# WORK ORDER
Word for word and without images, transcribe all of the records.

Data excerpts
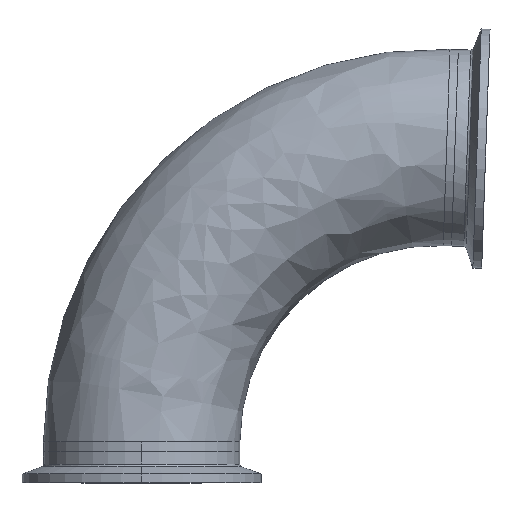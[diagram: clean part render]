
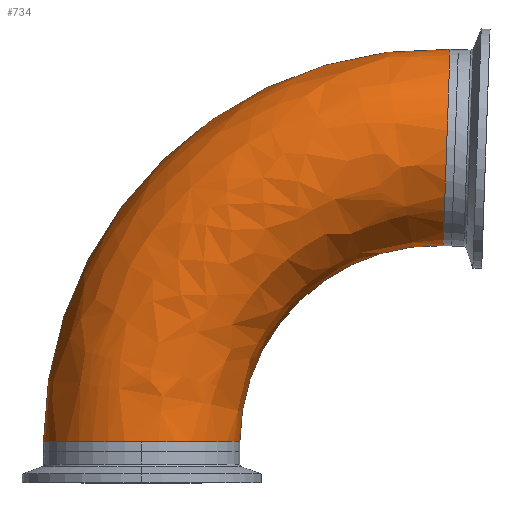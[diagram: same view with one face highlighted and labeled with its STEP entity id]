
A CAD part, top view. The second image highlights one B-rep face of the part: STEP entity #734.
In plain terms, the highlighted free-form (B-spline) face has degree [3, 3] with [4, 4] control points.
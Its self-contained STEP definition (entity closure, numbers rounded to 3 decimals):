
#27 = DIRECTION ( 'NONE',  ( -1., 0., 0. ) ) ;
#92 = VERTEX_POINT ( 'NONE', #1698 ) ;
#228 = CARTESIAN_POINT ( 'NONE',  ( 0., 3.201, 0. ) ) ;
#252 = CIRCLE ( 'NONE', #3332, 31.75 ) ;
#263 = EDGE_CURVE ( 'NONE', #2453, #2429, #2603, .T. ) ;
#299 = AXIS2_PLACEMENT_3D ( 'NONE', #1552, #1367, #1482 ) ;
#304 = CARTESIAN_POINT ( 'NONE',  ( -31.75, 79.671, 0. ) ) ;
#350 = DIRECTION ( 'NONE',  ( -1., 0., 0. ) ) ;
#386 = DIRECTION ( 'NONE',  ( 0., 0., -1. ) ) ;
#409 = CARTESIAN_POINT ( 'NONE',  ( 95.25, 3.201, 0. ) ) ;
#492 = EDGE_CURVE ( 'NONE', #2984, #2453, #2677, .T. ) ;
#606 = ORIENTED_EDGE ( 'NONE', *, *, #492, .T. ) ;
#649 = CARTESIAN_POINT ( 'NONE',  ( -31.75, 3.201, 0. ) ) ;
#734 = ADVANCED_FACE ( 'NONE', ( #762 ), #1088, .T. ) ;
#762 = FACE_OUTER_BOUND ( 'NONE', #2456, .T. ) ;
#786 = CARTESIAN_POINT ( 'NONE',  ( 23.258, 132.792, 0. ) ) ;
#899 = CARTESIAN_POINT ( 'NONE',  ( 99.682, 130.123, 0. ) ) ;
#923 = CARTESIAN_POINT ( 'NONE',  ( -31.75, 3.201, 63.5 ) ) ;
#928 = ORIENTED_EDGE ( 'NONE', *, *, #263, .T. ) ;
#935 = CARTESIAN_POINT ( 'NONE',  ( -31.75, 79.671, 63.5 ) ) ;
#1034 = CARTESIAN_POINT ( 'NONE',  ( 97.466, 66.662, 0. ) ) ;
#1045 = CARTESIAN_POINT ( 'NONE',  ( 99.682, 130.123, 0. ) ) ;
#1088 =( BOUNDED_SURFACE ( )  B_SPLINE_SURFACE ( 3, 3, ( 
 ( #649, #304, #786, #899 ),
 ( #923, #935, #1137, #1239 ),
 ( #1251, #1332, #1369, #1415 ),
 ( #1452, #1496, #1528, #1538 ) ),
 .UNSPECIFIED., .F., .F., .F. ) 
 B_SPLINE_SURFACE_WITH_KNOTS ( ( 4, 4 ),
 ( 4, 4 ),
 ( 0., 1. ),
 ( 0., 1. ),
 .UNSPECIFIED. ) 
 GEOMETRIC_REPRESENTATION_ITEM ( )  RATIONAL_B_SPLINE_SURFACE ( (
 ( 1., 0.796, 0.796, 1.),
 ( 0.333, 0.265, 0.265, 0.333),
 ( 0.333, 0.265, 0.265, 0.333),
 ( 1., 0.796, 0.796, 1.) ) ) 
 REPRESENTATION_ITEM ( '' )  SURFACE ( )  );
#1137 = CARTESIAN_POINT ( 'NONE',  ( 23.258, 132.792, 63.5 ) ) ;
#1157 = DIRECTION ( 'NONE',  ( -1., 0., 0. ) ) ;
#1239 = CARTESIAN_POINT ( 'NONE',  ( 99.682, 130.123, 63.5 ) ) ;
#1251 = CARTESIAN_POINT ( 'NONE',  ( 31.75, 3.201, 63.5 ) ) ;
#1291 = AXIS2_PLACEMENT_3D ( 'NONE', #409, #386, #350 ) ;
#1332 = CARTESIAN_POINT ( 'NONE',  ( 31.75, 41.436, 63.5 ) ) ;
#1367 = DIRECTION ( 'NONE',  ( 0., 1., 0. ) ) ;
#1369 = CARTESIAN_POINT ( 'NONE',  ( 59.254, 67.996, 63.5 ) ) ;
#1415 = CARTESIAN_POINT ( 'NONE',  ( 97.466, 66.662, 63.5 ) ) ;
#1452 = CARTESIAN_POINT ( 'NONE',  ( 31.75, 3.201, 0. ) ) ;
#1482 = DIRECTION ( 'NONE',  ( -1., 0., 0. ) ) ;
#1496 = CARTESIAN_POINT ( 'NONE',  ( 31.75, 41.436, 0. ) ) ;
#1528 = CARTESIAN_POINT ( 'NONE',  ( 59.254, 67.996, 0. ) ) ;
#1538 = CARTESIAN_POINT ( 'NONE',  ( 97.466, 66.662, 0. ) ) ;
#1552 = CARTESIAN_POINT ( 'NONE',  ( 0., 3.201, 0. ) ) ;
#1592 = DIRECTION ( 'NONE',  ( 0., 0., -1. ) ) ;
#1595 = EDGE_CURVE ( 'NONE', #2429, #2199, #1621, .T. ) ;
#1621 = CIRCLE ( 'NONE', #2855, 31.75 ) ;
#1652 = CARTESIAN_POINT ( 'NONE',  ( 0., 3.201, 31.75 ) ) ;
#1698 = CARTESIAN_POINT ( 'NONE',  ( -31.75, 3.201, 0. ) ) ;
#1834 = CIRCLE ( 'NONE', #2423, 127. ) ;
#2029 = EDGE_CURVE ( 'NONE', #92, #2984, #252, .T. ) ;
#2118 = ORIENTED_EDGE ( 'NONE', *, *, #1595, .T. ) ;
#2199 = VERTEX_POINT ( 'NONE', #1045 ) ;
#2306 = CARTESIAN_POINT ( 'NONE',  ( 31.75, 3.201, 0. ) ) ;
#2395 = ORIENTED_EDGE ( 'NONE', *, *, #2029, .T. ) ;
#2423 = AXIS2_PLACEMENT_3D ( 'NONE', #3104, #1592, #27 ) ;
#2429 = VERTEX_POINT ( 'NONE', #1034 ) ;
#2453 = VERTEX_POINT ( 'NONE', #2306 ) ;
#2456 = EDGE_LOOP ( 'NONE', ( #606, #928, #2118, #3057, #2395 ) ) ;
#2523 = DIRECTION ( 'NONE',  ( 0., 1., 0. ) ) ;
#2584 = DIRECTION ( 'NONE',  ( 0.035, 0.999, 0. ) ) ;
#2603 = CIRCLE ( 'NONE', #1291, 63.5 ) ;
#2677 = CIRCLE ( 'NONE', #299, 31.75 ) ;
#2732 = CARTESIAN_POINT ( 'NONE',  ( 98.574, 98.393, 0. ) ) ;
#2747 = DIRECTION ( 'NONE',  ( -0.999, 0.035, 0. ) ) ;
#2855 = AXIS2_PLACEMENT_3D ( 'NONE', #2732, #2747, #2584 ) ;
#2881 = EDGE_CURVE ( 'NONE', #92, #2199, #1834, .T. ) ;
#2984 = VERTEX_POINT ( 'NONE', #1652 ) ;
#3057 = ORIENTED_EDGE ( 'NONE', *, *, #2881, .F. ) ;
#3104 = CARTESIAN_POINT ( 'NONE',  ( 95.25, 3.201, 0. ) ) ;
#3332 = AXIS2_PLACEMENT_3D ( 'NONE', #228, #2523, #1157 ) ;

# COMPLETED EXERCISE
[diagram: clean part render]
[diagram: same view with one face highlighted and labeled with its STEP entity id]
A CAD part, top view. The second image highlights one B-rep face of the part: STEP entity #734.
In plain terms, the highlighted free-form (B-spline) face has degree [3, 3] with [4, 4] control points.
Its self-contained STEP definition (entity closure, numbers rounded to 3 decimals):
#27 = DIRECTION ( 'NONE',  ( -1., 0., 0. ) ) ;
#92 = VERTEX_POINT ( 'NONE', #1698 ) ;
#228 = CARTESIAN_POINT ( 'NONE',  ( 0., 3.201, 0. ) ) ;
#252 = CIRCLE ( 'NONE', #3332, 31.75 ) ;
#263 = EDGE_CURVE ( 'NONE', #2453, #2429, #2603, .T. ) ;
#299 = AXIS2_PLACEMENT_3D ( 'NONE', #1552, #1367, #1482 ) ;
#304 = CARTESIAN_POINT ( 'NONE',  ( -31.75, 79.671, 0. ) ) ;
#350 = DIRECTION ( 'NONE',  ( -1., 0., 0. ) ) ;
#386 = DIRECTION ( 'NONE',  ( 0., 0., -1. ) ) ;
#409 = CARTESIAN_POINT ( 'NONE',  ( 95.25, 3.201, 0. ) ) ;
#492 = EDGE_CURVE ( 'NONE', #2984, #2453, #2677, .T. ) ;
#606 = ORIENTED_EDGE ( 'NONE', *, *, #492, .T. ) ;
#649 = CARTESIAN_POINT ( 'NONE',  ( -31.75, 3.201, 0. ) ) ;
#734 = ADVANCED_FACE ( 'NONE', ( #762 ), #1088, .T. ) ;
#762 = FACE_OUTER_BOUND ( 'NONE', #2456, .T. ) ;
#786 = CARTESIAN_POINT ( 'NONE',  ( 23.258, 132.792, 0. ) ) ;
#899 = CARTESIAN_POINT ( 'NONE',  ( 99.682, 130.123, 0. ) ) ;
#923 = CARTESIAN_POINT ( 'NONE',  ( -31.75, 3.201, 63.5 ) ) ;
#928 = ORIENTED_EDGE ( 'NONE', *, *, #263, .T. ) ;
#935 = CARTESIAN_POINT ( 'NONE',  ( -31.75, 79.671, 63.5 ) ) ;
#1034 = CARTESIAN_POINT ( 'NONE',  ( 97.466, 66.662, 0. ) ) ;
#1045 = CARTESIAN_POINT ( 'NONE',  ( 99.682, 130.123, 0. ) ) ;
#1088 =( BOUNDED_SURFACE ( )  B_SPLINE_SURFACE ( 3, 3, ( 
 ( #649, #304, #786, #899 ),
 ( #923, #935, #1137, #1239 ),
 ( #1251, #1332, #1369, #1415 ),
 ( #1452, #1496, #1528, #1538 ) ),
 .UNSPECIFIED., .F., .F., .F. ) 
 B_SPLINE_SURFACE_WITH_KNOTS ( ( 4, 4 ),
 ( 4, 4 ),
 ( 0., 1. ),
 ( 0., 1. ),
 .UNSPECIFIED. ) 
 GEOMETRIC_REPRESENTATION_ITEM ( )  RATIONAL_B_SPLINE_SURFACE ( (
 ( 1., 0.796, 0.796, 1.),
 ( 0.333, 0.265, 0.265, 0.333),
 ( 0.333, 0.265, 0.265, 0.333),
 ( 1., 0.796, 0.796, 1.) ) ) 
 REPRESENTATION_ITEM ( '' )  SURFACE ( )  );
#1137 = CARTESIAN_POINT ( 'NONE',  ( 23.258, 132.792, 63.5 ) ) ;
#1157 = DIRECTION ( 'NONE',  ( -1., 0., 0. ) ) ;
#1239 = CARTESIAN_POINT ( 'NONE',  ( 99.682, 130.123, 63.5 ) ) ;
#1251 = CARTESIAN_POINT ( 'NONE',  ( 31.75, 3.201, 63.5 ) ) ;
#1291 = AXIS2_PLACEMENT_3D ( 'NONE', #409, #386, #350 ) ;
#1332 = CARTESIAN_POINT ( 'NONE',  ( 31.75, 41.436, 63.5 ) ) ;
#1367 = DIRECTION ( 'NONE',  ( 0., 1., 0. ) ) ;
#1369 = CARTESIAN_POINT ( 'NONE',  ( 59.254, 67.996, 63.5 ) ) ;
#1415 = CARTESIAN_POINT ( 'NONE',  ( 97.466, 66.662, 63.5 ) ) ;
#1452 = CARTESIAN_POINT ( 'NONE',  ( 31.75, 3.201, 0. ) ) ;
#1482 = DIRECTION ( 'NONE',  ( -1., 0., 0. ) ) ;
#1496 = CARTESIAN_POINT ( 'NONE',  ( 31.75, 41.436, 0. ) ) ;
#1528 = CARTESIAN_POINT ( 'NONE',  ( 59.254, 67.996, 0. ) ) ;
#1538 = CARTESIAN_POINT ( 'NONE',  ( 97.466, 66.662, 0. ) ) ;
#1552 = CARTESIAN_POINT ( 'NONE',  ( 0., 3.201, 0. ) ) ;
#1592 = DIRECTION ( 'NONE',  ( 0., 0., -1. ) ) ;
#1595 = EDGE_CURVE ( 'NONE', #2429, #2199, #1621, .T. ) ;
#1621 = CIRCLE ( 'NONE', #2855, 31.75 ) ;
#1652 = CARTESIAN_POINT ( 'NONE',  ( 0., 3.201, 31.75 ) ) ;
#1698 = CARTESIAN_POINT ( 'NONE',  ( -31.75, 3.201, 0. ) ) ;
#1834 = CIRCLE ( 'NONE', #2423, 127. ) ;
#2029 = EDGE_CURVE ( 'NONE', #92, #2984, #252, .T. ) ;
#2118 = ORIENTED_EDGE ( 'NONE', *, *, #1595, .T. ) ;
#2199 = VERTEX_POINT ( 'NONE', #1045 ) ;
#2306 = CARTESIAN_POINT ( 'NONE',  ( 31.75, 3.201, 0. ) ) ;
#2395 = ORIENTED_EDGE ( 'NONE', *, *, #2029, .T. ) ;
#2423 = AXIS2_PLACEMENT_3D ( 'NONE', #3104, #1592, #27 ) ;
#2429 = VERTEX_POINT ( 'NONE', #1034 ) ;
#2453 = VERTEX_POINT ( 'NONE', #2306 ) ;
#2456 = EDGE_LOOP ( 'NONE', ( #606, #928, #2118, #3057, #2395 ) ) ;
#2523 = DIRECTION ( 'NONE',  ( 0., 1., 0. ) ) ;
#2584 = DIRECTION ( 'NONE',  ( 0.035, 0.999, 0. ) ) ;
#2603 = CIRCLE ( 'NONE', #1291, 63.5 ) ;
#2677 = CIRCLE ( 'NONE', #299, 31.75 ) ;
#2732 = CARTESIAN_POINT ( 'NONE',  ( 98.574, 98.393, 0. ) ) ;
#2747 = DIRECTION ( 'NONE',  ( -0.999, 0.035, 0. ) ) ;
#2855 = AXIS2_PLACEMENT_3D ( 'NONE', #2732, #2747, #2584 ) ;
#2881 = EDGE_CURVE ( 'NONE', #92, #2199, #1834, .T. ) ;
#2984 = VERTEX_POINT ( 'NONE', #1652 ) ;
#3057 = ORIENTED_EDGE ( 'NONE', *, *, #2881, .F. ) ;
#3104 = CARTESIAN_POINT ( 'NONE',  ( 95.25, 3.201, 0. ) ) ;
#3332 = AXIS2_PLACEMENT_3D ( 'NONE', #228, #2523, #1157 ) ;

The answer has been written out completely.